Август был искренне удивлен:
– Вы так думаете? Мне все же кажется, что у него наблюдаются некоторые отклонения. В частности, его афазия. Она вполне может быть вызвана сильным стрессом.
– Безусловно. Я думаю, что и он об этом знает. Просто сейчас ему наиболее удобно играть эту роль. К нему никто не сможет предъявить никаких претензий и в то же время он остается в относительной безопасности. Кто станет искать его в подобной глуши? – Профессор отхлебнул кофе из чашки, наслаждаясь напитком, который создавал своеобразный уют.
– Но зачем ему это? Неужели он как-то замешан в этой истории?
– Я думаю, что не только замешан, но и знает, что на самом деле произошло. Понимаешь в чем дело, это чувство приходит с опытом, когда можешь отличить настоящего психически больного человека, от того, кто им притворяется.
– А как же признаки посттравматического синдрома?
– Я тебя умоляю. Данный синдром может проявляться и у абсолютно здоровых людей, переживших стресс. Несомненно, хотя бы то, что с ним произошло, да и само помещение в сумасшедший дом, наложит свой отпечаток на кого угодно. Вот тебе и признаки стрессового расстройства.

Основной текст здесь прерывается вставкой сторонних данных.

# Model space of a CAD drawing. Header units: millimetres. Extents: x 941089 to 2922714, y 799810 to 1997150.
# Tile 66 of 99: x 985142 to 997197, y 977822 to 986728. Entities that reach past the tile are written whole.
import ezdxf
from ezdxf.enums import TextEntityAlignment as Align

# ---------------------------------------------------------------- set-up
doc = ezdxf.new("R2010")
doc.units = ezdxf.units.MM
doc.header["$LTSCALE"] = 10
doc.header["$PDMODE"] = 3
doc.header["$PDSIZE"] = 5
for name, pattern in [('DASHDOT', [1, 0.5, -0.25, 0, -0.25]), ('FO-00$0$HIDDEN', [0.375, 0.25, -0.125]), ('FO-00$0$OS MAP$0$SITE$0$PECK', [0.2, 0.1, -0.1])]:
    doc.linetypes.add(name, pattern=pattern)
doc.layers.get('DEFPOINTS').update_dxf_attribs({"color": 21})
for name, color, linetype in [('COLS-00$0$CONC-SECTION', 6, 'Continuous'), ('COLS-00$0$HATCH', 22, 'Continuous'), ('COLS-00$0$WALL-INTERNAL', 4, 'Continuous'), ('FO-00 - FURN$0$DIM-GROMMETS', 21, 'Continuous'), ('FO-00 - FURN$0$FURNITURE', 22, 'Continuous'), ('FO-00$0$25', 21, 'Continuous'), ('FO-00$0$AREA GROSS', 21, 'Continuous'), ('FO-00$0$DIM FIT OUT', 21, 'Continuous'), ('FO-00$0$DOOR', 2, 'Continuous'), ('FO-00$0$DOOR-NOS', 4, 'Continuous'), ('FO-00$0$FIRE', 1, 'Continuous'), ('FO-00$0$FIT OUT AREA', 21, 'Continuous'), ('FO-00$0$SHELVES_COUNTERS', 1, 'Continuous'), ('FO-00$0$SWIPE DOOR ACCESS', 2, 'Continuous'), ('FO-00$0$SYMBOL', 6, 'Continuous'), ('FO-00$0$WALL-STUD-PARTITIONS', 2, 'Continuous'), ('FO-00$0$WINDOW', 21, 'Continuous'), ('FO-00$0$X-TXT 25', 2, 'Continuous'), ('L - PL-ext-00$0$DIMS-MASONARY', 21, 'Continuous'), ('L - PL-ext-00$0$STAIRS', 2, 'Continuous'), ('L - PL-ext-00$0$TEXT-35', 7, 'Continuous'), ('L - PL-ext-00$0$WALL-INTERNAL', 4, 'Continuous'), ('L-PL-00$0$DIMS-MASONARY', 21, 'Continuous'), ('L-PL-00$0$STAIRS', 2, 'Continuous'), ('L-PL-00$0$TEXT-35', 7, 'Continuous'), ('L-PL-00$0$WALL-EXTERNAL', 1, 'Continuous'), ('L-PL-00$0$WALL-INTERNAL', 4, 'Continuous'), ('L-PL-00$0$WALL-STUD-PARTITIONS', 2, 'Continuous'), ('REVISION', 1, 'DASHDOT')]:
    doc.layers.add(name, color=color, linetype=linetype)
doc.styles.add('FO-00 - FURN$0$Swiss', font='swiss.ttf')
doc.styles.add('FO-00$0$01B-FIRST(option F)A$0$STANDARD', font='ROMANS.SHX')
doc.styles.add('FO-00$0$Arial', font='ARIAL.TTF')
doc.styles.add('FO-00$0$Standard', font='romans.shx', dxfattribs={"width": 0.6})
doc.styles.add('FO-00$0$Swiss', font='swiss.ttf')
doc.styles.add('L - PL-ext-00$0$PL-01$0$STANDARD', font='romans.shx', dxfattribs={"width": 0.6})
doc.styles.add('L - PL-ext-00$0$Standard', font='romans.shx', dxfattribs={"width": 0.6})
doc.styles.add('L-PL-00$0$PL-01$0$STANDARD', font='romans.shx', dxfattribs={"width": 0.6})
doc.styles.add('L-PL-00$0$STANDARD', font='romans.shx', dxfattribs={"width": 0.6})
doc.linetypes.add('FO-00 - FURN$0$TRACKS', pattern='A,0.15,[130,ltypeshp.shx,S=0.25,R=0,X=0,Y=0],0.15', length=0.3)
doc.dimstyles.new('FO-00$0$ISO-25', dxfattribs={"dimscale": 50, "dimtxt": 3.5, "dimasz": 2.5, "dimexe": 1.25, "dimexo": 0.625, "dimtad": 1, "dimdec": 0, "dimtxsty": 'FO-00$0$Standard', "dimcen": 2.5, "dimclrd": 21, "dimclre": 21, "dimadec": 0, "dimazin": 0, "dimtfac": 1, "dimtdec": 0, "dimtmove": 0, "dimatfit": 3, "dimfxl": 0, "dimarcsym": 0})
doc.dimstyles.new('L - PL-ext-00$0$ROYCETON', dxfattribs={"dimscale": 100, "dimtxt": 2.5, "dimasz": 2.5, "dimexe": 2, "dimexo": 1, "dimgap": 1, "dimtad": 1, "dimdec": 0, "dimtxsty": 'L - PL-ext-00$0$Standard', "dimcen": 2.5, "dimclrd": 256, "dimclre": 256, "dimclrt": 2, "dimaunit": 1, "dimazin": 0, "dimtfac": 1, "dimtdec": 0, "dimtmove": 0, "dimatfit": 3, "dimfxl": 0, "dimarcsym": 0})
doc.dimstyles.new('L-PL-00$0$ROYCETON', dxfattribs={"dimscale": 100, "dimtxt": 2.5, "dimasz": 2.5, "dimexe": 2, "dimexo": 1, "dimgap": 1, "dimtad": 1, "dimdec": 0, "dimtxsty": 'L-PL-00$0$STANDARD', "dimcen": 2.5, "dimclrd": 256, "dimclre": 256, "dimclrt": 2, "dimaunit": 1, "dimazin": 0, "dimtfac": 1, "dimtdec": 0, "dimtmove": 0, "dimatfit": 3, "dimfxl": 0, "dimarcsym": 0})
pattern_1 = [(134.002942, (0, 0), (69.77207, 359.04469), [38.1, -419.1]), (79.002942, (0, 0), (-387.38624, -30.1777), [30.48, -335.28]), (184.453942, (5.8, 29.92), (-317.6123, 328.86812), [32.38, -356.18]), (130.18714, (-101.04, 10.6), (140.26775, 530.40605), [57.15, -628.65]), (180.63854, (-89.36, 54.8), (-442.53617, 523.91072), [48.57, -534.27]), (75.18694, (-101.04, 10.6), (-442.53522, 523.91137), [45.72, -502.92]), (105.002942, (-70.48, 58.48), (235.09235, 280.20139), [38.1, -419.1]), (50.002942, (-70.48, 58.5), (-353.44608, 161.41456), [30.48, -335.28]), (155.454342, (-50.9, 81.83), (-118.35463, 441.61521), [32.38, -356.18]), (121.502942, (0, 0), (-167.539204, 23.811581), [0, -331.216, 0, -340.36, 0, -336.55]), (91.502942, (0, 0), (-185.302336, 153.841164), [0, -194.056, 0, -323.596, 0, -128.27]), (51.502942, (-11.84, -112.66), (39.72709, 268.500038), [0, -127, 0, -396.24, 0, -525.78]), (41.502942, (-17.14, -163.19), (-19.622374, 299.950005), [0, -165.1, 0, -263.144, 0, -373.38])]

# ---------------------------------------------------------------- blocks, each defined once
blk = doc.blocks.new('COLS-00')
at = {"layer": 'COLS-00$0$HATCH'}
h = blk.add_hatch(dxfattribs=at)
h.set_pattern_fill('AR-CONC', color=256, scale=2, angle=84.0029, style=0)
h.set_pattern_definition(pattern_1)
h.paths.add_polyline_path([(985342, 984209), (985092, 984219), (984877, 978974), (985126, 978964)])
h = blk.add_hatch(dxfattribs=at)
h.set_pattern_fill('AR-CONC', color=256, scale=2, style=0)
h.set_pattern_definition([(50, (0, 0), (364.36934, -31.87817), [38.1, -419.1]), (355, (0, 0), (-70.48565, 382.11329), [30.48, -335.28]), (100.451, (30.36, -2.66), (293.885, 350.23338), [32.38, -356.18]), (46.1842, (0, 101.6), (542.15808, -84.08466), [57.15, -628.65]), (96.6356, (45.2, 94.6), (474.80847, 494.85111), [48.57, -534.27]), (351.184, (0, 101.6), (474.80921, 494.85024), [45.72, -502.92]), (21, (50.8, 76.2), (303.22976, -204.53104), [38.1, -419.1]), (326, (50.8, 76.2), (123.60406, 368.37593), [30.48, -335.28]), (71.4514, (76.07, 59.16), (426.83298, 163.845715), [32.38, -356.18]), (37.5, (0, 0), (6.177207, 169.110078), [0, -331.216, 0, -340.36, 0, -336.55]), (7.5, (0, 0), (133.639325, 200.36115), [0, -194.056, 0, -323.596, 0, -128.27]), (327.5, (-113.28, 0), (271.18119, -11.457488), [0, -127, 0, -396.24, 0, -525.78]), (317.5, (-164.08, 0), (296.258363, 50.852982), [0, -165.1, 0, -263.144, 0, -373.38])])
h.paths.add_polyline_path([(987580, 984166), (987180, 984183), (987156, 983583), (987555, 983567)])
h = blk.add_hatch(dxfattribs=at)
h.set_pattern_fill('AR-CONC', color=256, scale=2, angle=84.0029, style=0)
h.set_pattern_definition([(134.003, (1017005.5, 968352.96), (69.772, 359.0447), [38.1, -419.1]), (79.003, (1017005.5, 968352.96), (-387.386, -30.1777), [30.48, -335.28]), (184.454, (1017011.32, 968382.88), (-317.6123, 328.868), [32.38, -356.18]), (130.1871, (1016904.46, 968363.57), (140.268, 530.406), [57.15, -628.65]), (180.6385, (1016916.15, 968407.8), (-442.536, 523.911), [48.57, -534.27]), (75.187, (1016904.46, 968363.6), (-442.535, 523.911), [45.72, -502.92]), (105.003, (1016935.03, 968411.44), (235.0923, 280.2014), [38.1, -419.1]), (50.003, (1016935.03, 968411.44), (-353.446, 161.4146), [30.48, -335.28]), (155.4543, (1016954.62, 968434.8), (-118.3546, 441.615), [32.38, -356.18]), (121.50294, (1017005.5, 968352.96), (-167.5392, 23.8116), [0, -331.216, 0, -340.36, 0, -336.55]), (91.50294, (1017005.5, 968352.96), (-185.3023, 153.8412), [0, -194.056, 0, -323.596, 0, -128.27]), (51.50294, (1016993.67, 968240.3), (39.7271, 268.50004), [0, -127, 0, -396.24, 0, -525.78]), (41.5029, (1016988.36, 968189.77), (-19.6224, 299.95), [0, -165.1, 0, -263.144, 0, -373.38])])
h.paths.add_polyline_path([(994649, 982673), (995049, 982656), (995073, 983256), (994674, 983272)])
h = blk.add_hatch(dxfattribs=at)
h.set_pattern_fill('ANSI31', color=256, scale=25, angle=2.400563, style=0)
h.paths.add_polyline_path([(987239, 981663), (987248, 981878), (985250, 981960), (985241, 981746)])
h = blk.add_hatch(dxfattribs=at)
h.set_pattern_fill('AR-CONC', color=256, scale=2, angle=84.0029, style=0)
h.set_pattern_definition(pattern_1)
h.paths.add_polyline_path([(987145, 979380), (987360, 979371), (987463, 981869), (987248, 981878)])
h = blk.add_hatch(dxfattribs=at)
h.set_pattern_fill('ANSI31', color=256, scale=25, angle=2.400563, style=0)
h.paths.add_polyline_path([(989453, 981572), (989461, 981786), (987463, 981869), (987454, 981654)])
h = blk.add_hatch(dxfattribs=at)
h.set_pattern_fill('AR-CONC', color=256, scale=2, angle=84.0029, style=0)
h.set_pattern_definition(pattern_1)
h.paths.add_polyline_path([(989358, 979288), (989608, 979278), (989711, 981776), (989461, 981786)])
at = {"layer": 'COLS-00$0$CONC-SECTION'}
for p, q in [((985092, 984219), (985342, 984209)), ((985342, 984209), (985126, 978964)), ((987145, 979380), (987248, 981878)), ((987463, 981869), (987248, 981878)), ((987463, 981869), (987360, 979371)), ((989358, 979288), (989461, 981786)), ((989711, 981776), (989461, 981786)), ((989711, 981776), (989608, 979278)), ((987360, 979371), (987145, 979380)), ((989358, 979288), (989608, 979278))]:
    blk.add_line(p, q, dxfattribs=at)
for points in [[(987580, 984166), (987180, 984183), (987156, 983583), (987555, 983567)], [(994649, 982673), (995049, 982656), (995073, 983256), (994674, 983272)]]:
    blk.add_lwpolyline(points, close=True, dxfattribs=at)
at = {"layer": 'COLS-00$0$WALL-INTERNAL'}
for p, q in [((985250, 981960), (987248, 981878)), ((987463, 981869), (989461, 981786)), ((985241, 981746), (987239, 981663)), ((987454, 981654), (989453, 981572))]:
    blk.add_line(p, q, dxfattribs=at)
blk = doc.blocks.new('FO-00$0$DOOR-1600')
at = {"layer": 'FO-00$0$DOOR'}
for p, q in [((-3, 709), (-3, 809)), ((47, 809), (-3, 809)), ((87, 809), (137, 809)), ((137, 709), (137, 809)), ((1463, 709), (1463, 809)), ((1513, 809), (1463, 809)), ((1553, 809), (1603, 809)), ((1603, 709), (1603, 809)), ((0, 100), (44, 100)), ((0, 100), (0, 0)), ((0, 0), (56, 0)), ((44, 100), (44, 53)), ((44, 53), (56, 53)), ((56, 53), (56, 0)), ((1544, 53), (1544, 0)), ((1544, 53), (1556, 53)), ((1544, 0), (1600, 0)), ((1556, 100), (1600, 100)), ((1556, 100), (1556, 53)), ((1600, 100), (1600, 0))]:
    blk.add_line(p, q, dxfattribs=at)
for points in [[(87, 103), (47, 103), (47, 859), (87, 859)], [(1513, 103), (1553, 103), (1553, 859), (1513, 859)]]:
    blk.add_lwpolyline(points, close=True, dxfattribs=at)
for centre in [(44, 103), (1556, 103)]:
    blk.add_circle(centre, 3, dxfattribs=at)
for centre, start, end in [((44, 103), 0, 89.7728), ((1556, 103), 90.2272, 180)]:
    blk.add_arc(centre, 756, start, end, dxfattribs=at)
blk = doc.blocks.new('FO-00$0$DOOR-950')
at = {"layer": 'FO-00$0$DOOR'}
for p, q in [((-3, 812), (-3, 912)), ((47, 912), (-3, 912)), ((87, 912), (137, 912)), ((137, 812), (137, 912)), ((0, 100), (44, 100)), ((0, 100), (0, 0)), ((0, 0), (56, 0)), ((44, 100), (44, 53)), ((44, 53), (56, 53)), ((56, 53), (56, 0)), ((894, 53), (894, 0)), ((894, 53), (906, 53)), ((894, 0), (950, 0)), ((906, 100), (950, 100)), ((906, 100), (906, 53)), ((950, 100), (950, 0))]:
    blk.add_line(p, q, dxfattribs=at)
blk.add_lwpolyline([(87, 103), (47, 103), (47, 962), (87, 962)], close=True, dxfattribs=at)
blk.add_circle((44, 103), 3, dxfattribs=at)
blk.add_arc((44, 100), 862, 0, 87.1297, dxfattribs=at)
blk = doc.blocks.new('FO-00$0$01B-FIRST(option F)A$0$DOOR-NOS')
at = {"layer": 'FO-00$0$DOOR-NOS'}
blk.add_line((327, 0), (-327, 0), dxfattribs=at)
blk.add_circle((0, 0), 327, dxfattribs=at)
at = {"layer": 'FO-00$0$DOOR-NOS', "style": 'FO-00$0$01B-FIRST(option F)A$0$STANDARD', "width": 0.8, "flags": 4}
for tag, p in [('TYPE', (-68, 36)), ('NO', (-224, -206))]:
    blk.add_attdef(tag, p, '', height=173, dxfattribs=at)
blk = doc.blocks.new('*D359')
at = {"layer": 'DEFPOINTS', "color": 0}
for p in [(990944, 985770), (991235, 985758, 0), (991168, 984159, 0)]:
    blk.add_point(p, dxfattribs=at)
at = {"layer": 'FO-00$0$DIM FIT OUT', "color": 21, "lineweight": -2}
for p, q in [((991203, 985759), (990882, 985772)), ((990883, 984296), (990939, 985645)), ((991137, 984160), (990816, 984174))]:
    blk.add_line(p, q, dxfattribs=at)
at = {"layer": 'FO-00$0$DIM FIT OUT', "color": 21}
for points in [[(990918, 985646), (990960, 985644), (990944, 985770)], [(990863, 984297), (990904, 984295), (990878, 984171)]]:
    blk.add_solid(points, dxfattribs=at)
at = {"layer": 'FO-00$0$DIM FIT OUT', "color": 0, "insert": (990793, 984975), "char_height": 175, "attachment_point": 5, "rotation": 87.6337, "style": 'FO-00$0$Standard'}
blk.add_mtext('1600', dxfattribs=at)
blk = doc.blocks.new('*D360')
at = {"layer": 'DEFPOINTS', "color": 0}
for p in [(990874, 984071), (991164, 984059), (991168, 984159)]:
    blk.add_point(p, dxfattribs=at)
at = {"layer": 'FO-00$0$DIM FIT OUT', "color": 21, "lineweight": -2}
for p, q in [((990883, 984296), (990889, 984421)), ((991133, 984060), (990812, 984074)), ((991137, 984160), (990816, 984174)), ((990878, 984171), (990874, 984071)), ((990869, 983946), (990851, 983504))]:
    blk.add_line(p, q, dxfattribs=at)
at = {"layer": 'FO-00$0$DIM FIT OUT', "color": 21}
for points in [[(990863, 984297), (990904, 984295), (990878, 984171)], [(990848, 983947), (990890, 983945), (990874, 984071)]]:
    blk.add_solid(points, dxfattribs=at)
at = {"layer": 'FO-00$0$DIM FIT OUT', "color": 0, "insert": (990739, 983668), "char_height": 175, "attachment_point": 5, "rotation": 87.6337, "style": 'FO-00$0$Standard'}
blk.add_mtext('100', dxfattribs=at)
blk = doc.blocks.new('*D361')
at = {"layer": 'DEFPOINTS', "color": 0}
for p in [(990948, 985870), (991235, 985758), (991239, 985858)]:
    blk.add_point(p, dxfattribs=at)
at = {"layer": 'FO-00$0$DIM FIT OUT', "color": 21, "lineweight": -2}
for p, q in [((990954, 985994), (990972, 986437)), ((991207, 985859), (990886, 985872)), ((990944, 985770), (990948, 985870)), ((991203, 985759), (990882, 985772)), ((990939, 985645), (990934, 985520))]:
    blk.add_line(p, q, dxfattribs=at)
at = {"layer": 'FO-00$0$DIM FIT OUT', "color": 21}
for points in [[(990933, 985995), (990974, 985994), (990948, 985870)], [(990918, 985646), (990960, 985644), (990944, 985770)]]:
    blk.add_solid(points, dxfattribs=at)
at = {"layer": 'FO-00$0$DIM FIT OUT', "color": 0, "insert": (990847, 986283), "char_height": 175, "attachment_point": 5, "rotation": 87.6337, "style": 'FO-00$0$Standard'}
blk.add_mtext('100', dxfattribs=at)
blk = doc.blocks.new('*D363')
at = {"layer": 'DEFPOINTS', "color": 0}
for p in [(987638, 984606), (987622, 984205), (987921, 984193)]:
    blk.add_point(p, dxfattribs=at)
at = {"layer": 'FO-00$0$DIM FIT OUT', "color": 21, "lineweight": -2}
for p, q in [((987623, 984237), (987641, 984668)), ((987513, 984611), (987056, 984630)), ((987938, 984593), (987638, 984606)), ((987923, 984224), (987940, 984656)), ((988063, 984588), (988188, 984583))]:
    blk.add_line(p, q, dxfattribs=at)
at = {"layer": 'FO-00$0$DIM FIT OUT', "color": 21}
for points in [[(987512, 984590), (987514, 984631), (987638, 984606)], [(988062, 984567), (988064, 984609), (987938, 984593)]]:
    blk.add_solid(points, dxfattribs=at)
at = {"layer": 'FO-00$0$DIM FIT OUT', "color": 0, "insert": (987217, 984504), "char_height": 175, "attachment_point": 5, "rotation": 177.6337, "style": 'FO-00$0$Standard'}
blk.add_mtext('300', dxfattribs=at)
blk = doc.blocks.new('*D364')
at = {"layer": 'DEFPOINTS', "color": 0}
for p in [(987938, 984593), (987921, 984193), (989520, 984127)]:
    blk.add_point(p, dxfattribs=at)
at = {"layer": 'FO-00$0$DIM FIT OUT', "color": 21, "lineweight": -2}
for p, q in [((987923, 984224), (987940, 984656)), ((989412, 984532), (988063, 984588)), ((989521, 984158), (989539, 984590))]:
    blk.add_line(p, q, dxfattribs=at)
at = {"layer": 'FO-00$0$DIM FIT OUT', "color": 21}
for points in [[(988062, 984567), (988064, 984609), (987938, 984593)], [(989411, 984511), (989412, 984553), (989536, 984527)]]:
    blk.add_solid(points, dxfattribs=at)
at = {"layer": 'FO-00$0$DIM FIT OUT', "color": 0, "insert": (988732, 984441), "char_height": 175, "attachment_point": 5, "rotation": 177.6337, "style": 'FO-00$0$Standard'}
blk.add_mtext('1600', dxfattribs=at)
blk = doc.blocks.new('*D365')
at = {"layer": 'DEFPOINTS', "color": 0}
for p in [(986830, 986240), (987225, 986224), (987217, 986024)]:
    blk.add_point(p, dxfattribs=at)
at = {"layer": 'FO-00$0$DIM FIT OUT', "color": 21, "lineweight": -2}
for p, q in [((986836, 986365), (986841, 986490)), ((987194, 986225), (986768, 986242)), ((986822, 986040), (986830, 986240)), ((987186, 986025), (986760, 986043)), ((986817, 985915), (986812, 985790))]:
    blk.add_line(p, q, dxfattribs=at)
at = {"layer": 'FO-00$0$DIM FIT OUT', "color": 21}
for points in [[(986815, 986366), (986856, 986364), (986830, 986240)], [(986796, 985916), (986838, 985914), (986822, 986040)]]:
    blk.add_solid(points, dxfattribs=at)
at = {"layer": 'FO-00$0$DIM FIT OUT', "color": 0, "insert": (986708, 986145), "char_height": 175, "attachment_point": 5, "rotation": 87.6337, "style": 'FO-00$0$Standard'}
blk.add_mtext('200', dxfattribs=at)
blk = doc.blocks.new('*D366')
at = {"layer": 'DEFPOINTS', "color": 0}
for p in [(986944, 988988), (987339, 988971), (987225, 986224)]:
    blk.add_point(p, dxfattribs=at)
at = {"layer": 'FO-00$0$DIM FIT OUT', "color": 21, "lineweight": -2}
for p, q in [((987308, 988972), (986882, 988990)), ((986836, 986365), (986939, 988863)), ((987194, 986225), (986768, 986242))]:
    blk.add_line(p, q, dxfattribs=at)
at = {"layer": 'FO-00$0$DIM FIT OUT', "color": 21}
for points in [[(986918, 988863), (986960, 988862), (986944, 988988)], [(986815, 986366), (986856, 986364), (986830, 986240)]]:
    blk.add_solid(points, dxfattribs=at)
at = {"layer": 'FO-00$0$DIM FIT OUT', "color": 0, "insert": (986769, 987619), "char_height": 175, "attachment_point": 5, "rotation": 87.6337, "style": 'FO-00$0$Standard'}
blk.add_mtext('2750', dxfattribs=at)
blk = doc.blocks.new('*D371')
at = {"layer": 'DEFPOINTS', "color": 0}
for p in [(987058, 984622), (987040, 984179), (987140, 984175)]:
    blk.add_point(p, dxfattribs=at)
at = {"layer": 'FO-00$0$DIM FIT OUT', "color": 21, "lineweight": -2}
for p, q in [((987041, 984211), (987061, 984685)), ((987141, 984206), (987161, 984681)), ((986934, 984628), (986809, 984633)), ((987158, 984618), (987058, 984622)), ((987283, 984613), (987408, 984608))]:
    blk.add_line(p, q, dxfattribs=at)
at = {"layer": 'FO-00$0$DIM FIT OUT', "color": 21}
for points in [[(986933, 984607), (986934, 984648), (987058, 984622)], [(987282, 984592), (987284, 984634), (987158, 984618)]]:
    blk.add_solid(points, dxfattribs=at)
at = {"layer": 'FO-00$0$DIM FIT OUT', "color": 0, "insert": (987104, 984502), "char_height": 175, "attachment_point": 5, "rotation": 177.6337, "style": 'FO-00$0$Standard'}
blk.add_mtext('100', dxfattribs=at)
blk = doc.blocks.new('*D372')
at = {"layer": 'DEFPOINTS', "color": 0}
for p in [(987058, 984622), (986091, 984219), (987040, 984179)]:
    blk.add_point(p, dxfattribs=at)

– Но зачем этот театр? Не проще ли все рассказать?
– Видно для него – не проще. Вся эта история дурно пахнет, а он знает, что запах приведет именно к нему. Поэтому он будет притворяться до тех пор, пока мы не выложим ему все факты, от которых он не сможет отвертеться. – Он посмотрел на Августа, поставив пустую чашку на блюдце. – Именно поэтому твоя миссия настолько важна. Ты должен как можно лучше разузнать все, что только возможно о пропавшей роте. Это нужно не только для них, но и для нас тоже. Пойми, чиновникам в больших кабинетах необходим хоть какой-то результат, а после случившегося нас и вовсе могут закрыть. Но если мы расколем этот орешек, только представь, какой нас ждет успех. А если возобновят финансирование, мы сможем вернуться к широкой практике, будет целое поле для исследований, новых статей, монографий, научных работ. Я делаю это не ради себя, Август. – Профессор запнулся, справляясь с нахлынувшими на него чувствами. – А ради тебя. Твоего будущего. Ты единственный, кто согласился стать моим учеником и последователем моих идей. А для меня это много что значит. Мои дети от меня далеко, да и занимаются они совершенно не тем, чем хотелось бы мне. Но ты, ты, Август – мое будущее, мое продолжение. И когда я почину, то ты станешь новым хозяином «Двух башен». Но это наследство не должно быть для тебя бременем. Я хочу, чтобы оно стало возможностью и помогло тебе вывести нашу методику лечения на международный уровень. Это моя мечта. И я очень хочу, чтобы она исполнилась.
Тронутый до глубины души его словами, Август только и смог промолвить:
– Можете мне поверить, я сделаю для этого все, что только возможно.
3
Несмотря на все чаяния профессора, достигнуть за неделю большего прогресса не удалось. С четверга погода испортилась, начав неделю затяжных дождей и сверкающих молний. Ветер с моря принес с собой похолодание, так что и не скажешь, что всего через несколько дней наступит лето. Проблемам духовным уступили проблемы более насущные. В пустующем женском корпусе начала сильно течь крыша, развилась сырость, грибок, а с ними и крысы. Мистер Борман не успевал менять ведра и протирать мокрый пол. Профессор и Август при поддержке санитаров старались залатать крышу, однако их усилия были тщетными: им определенно был нужен кровельщик, хорошо знающий свое дело. Хозяйство доктора Фитцроя буквально разваливалось на глазах. Пришедший упадок значительно ударил по моральному духу не только профессора, но и всего персонала, что сказалось на общей атмосфере больницы. Кухарка Долорес, казалось, была единственной, кто сохранял нотки оптимизма. Каждый день она старалась украсить свои блюда разнообразными улыбающимися рожицами, солнышками, сердечками и тому подобным. Профессор, конечно, ценил ее старания, однако на его настроение они практически никак не повлияли. Пока его радовали только две вещи: законченная диссертация Августа и маленький успех с пациентами.